§ **Work to be completed**:
Your answer should be a single number: the count of lines in the material below that hold "units".

§ **Excerpted data**:
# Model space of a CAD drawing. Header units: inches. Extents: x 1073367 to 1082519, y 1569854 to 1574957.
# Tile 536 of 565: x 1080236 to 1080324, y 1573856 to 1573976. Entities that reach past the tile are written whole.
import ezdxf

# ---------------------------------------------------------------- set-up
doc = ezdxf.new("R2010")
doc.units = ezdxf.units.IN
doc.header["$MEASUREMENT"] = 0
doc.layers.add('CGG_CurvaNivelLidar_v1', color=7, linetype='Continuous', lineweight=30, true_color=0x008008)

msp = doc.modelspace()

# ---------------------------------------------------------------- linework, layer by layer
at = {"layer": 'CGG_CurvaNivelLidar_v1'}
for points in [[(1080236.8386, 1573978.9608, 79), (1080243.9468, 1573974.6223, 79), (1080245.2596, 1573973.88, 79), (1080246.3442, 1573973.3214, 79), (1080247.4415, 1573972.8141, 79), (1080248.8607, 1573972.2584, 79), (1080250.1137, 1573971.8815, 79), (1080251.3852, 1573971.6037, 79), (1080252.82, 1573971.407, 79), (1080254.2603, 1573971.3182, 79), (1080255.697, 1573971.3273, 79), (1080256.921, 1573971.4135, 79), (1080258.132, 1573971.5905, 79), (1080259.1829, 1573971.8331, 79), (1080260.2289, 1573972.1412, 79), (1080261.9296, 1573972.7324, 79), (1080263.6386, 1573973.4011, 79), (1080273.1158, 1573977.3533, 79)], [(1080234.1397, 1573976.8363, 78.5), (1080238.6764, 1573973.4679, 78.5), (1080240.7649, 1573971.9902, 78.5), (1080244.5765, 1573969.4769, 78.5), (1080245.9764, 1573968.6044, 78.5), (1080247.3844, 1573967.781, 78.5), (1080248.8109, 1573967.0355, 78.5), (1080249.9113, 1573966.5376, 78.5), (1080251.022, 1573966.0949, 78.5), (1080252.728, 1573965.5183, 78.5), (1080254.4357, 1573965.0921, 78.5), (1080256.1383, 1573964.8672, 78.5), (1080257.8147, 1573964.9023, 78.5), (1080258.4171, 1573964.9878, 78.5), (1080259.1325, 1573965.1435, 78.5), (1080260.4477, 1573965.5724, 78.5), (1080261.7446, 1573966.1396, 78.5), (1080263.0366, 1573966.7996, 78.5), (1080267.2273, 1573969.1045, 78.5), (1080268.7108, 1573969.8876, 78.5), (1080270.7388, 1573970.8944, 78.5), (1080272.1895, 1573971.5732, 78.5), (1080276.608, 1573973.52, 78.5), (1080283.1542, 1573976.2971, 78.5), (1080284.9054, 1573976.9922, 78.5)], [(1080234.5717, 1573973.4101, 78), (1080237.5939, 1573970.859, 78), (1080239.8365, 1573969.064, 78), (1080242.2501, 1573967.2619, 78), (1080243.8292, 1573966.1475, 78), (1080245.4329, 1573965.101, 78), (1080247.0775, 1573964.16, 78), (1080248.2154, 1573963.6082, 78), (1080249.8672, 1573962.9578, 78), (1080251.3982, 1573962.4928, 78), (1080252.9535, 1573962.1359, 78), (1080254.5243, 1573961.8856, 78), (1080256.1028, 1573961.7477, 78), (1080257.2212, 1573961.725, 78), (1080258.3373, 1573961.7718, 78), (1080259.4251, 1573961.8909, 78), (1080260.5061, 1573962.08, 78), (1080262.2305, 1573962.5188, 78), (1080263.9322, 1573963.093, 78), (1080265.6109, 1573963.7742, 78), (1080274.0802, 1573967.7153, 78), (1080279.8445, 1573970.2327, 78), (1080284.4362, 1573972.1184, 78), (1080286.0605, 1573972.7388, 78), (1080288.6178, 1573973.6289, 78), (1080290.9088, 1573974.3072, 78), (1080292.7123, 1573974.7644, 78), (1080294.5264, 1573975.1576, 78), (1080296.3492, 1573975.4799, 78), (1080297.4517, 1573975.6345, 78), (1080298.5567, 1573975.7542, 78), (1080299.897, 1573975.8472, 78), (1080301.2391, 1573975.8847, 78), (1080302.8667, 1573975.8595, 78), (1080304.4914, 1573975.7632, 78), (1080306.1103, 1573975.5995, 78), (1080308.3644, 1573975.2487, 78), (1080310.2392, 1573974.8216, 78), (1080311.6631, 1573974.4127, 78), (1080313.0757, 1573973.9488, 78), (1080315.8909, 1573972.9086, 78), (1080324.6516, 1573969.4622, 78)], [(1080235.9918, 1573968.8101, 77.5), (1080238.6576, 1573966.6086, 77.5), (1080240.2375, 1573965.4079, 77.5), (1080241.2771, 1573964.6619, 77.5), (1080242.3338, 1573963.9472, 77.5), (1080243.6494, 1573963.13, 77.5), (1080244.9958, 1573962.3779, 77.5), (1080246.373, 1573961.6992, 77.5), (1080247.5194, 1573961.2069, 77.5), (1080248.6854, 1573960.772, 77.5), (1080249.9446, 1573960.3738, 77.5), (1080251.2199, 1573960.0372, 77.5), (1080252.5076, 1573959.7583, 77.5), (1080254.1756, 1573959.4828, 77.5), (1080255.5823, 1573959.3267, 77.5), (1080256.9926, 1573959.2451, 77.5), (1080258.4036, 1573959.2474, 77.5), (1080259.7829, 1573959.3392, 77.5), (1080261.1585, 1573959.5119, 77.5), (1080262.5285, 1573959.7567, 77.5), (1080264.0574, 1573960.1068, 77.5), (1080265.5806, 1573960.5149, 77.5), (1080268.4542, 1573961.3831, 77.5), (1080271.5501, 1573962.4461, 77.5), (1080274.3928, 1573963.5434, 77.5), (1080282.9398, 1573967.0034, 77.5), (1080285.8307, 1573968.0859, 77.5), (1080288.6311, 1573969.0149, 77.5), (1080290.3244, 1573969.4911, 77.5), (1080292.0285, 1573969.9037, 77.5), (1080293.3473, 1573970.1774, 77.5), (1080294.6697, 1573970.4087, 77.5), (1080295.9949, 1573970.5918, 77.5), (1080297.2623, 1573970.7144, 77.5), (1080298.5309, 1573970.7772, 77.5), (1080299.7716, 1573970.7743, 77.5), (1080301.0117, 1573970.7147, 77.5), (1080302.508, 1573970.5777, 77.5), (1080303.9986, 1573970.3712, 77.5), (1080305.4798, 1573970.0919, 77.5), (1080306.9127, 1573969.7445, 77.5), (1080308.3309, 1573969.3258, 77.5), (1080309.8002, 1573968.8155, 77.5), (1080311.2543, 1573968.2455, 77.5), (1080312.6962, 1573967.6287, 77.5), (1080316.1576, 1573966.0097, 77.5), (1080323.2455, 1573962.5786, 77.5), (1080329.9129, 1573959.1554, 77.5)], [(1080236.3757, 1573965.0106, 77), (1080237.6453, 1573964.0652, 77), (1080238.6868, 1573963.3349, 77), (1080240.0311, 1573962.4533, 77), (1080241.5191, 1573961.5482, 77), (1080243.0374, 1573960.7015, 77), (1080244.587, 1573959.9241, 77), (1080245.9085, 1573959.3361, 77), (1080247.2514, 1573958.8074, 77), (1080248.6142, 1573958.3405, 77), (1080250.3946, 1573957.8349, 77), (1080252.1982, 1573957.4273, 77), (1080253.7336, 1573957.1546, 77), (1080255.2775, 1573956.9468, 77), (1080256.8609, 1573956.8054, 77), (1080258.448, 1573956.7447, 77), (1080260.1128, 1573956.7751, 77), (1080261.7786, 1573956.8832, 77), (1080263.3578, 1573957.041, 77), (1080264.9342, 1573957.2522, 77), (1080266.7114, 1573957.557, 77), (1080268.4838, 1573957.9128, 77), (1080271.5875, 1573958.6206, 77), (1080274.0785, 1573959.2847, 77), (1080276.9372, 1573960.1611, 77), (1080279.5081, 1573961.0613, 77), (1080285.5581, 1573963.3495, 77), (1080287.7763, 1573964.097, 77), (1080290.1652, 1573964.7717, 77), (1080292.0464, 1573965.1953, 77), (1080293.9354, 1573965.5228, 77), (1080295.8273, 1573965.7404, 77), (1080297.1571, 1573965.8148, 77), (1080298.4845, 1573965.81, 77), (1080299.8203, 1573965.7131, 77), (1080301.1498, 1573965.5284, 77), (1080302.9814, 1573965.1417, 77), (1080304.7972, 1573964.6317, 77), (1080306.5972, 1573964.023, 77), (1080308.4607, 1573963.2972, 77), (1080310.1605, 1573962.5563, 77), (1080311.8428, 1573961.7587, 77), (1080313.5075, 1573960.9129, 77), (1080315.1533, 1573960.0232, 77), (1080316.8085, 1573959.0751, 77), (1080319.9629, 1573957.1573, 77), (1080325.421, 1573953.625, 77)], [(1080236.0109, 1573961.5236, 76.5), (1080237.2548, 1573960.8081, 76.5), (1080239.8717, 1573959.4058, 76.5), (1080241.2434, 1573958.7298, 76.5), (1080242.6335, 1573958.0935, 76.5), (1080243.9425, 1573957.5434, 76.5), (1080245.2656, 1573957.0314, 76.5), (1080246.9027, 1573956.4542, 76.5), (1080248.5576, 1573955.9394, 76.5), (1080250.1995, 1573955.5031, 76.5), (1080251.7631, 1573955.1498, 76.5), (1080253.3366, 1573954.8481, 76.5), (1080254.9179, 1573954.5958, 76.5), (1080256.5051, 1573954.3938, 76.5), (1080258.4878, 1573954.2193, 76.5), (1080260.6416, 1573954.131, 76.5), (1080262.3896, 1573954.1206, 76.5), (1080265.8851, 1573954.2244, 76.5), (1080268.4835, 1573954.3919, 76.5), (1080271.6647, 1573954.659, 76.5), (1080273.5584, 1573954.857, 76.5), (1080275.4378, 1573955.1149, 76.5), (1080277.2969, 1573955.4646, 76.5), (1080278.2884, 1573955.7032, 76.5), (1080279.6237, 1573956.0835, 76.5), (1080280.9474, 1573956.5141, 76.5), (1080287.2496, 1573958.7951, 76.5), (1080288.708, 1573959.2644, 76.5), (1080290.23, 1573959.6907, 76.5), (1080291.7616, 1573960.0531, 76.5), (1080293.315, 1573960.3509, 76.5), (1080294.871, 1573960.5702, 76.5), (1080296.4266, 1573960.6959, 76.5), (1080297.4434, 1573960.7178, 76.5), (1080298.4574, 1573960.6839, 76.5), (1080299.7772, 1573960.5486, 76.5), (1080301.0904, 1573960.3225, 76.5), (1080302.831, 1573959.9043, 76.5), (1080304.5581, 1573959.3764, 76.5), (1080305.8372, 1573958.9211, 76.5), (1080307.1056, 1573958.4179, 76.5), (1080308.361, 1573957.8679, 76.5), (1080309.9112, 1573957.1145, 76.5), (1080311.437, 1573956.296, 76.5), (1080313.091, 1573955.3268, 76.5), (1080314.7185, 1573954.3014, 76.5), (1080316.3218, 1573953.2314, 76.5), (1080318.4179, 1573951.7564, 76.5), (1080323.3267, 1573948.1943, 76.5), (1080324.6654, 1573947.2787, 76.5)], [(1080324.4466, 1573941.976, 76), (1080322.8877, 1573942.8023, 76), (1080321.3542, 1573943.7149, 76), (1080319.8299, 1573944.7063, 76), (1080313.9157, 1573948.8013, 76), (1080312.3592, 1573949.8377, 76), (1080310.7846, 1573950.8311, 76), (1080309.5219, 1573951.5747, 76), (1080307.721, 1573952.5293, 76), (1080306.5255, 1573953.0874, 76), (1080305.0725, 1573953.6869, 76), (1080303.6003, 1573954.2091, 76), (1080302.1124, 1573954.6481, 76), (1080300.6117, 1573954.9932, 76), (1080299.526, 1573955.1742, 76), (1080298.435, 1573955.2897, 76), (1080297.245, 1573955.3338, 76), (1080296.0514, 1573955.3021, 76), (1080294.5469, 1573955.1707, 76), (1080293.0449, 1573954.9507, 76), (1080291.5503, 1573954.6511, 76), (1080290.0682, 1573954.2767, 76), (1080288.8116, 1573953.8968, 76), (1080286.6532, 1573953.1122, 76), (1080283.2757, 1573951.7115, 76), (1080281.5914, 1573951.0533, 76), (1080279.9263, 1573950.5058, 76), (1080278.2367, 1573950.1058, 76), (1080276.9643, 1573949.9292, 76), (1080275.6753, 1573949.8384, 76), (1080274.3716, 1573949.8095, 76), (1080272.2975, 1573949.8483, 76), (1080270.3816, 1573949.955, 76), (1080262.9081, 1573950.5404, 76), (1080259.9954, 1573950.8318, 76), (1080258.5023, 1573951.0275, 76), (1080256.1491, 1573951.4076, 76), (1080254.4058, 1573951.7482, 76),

§ **Answer below**:
2